ACTIVITY: Please return exactly the lines from the top of the data through the line that contains "Dual In Line Package", and skip all pictures.

--- DATA PROVIDED ---

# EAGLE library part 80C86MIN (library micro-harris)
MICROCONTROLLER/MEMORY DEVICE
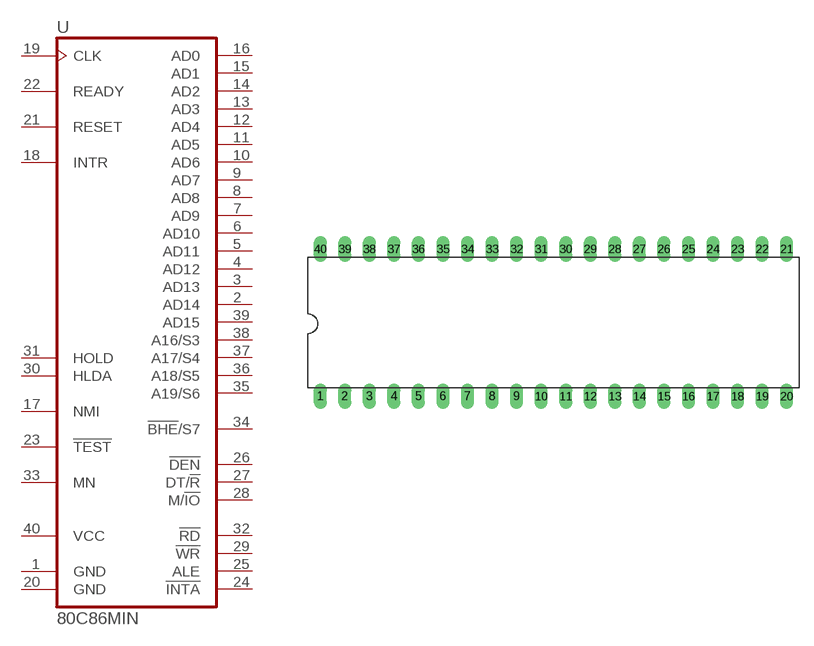
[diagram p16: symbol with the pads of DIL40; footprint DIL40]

Designator prefix U

## 80C86MIN (MPN: CP80C86-2; OC_FARNELL: unknown; OC_NEWARK: 16F4891)  [DIL40]
1  GND  pwr
2  AD14
3  AD13
4  AD12
5  AD11
6  AD10
7  AD9
8  AD8
9  AD7
10  AD6
11  AD5
12  AD4
13  AD3
14  AD2
15  AD1
16  AD0
17  NMI  in
18  INTR  in
19  CLK  in
20  GND  pwr
21  RESET  in
22  READY  in
23  !TEST  in
24  !INTA  out
25  ALE  out
26  !DEN  out
27  DT/!R  out
28  M/!IO  out
29  !WR  out
30  HLDA  out
31  HOLD  in
32  !RD  out
33  MN  in
34  !BHE!/S7  out
35  A19/S6  out
36  A18/S5  out
37  A17/S4  out
38  A16/S3  out
39  AD15
40  VCC  pwr

## Footprint DIL40 (pad centres in mm)
Dual In Line Package
drill 0.813 long: 1 -24.13,-7.62; 2 -21.59,-7.62; 3 -19.05,-7.62; 4 -16.51,-7.62; 5 -13.97,-7.62; 6 -11.43,-7.62; 7 -8.89,-7.62; 8 -6.35,-7.62; 9 -3.81,-7.62; 10 -1.27,-7.62; 11 1.27,-7.62; 12 3.81,-7.62; 13 6.35,-7.62; 14 8.89,-7.62; 15 11.43,-7.62; 16 13.97,-7.62; 17 16.51,-7.62; 18 19.05,-7.62; 19 21.59,-7.62; 20 24.13,-7.62; 21 24.13,7.62; 22 21.59,7.62; 23 19.05,7.62; 24 16.51,7.62; 25 13.97,7.62; 26 11.43,7.62; 27 8.89,7.62; 28 6.35,7.62; 29 3.81,7.62; 30 1.27,7.62; 31 -1.27,7.62; 32 -3.81,7.62; 33 -6.35,7.62; 34 -8.89,7.62; 35 -11.43,7.62; 36 -13.97,7.62; 37 -16.51,7.62; 38 -19.05,7.62; 39 -21.59,7.62; 40 -24.13,7.62

---

EXERCISE OUTPUT:
# EAGLE library part 80C86MIN (library micro-harris)
MICROCONTROLLER/MEMORY DEVICE
[diagram p16: symbol with the pads of DIL40; footprint DIL40]

Designator prefix U

## 80C86MIN (MPN: CP80C86-2; OC_FARNELL: unknown; OC_NEWARK: 16F4891)  [DIL40]
1  GND  pwr
2  AD14
3  AD13
4  AD12
5  AD11
6  AD10
7  AD9
8  AD8
9  AD7
10  AD6
11  AD5
12  AD4
13  AD3
14  AD2
15  AD1
16  AD0
17  NMI  in
18  INTR  in
19  CLK  in
20  GND  pwr
21  RESET  in
22  READY  in
23  !TEST  in
24  !INTA  out
25  ALE  out
26  !DEN  out
27  DT/!R  out
28  M/!IO  out
29  !WR  out
30  HLDA  out
31  HOLD  in
32  !RD  out
33  MN  in
34  !BHE!/S7  out
35  A19/S6  out
36  A18/S5  out
37  A17/S4  out
38  A16/S3  out
39  AD15
40  VCC  pwr

## Footprint DIL40 (pad centres in mm)
Dual In Line Package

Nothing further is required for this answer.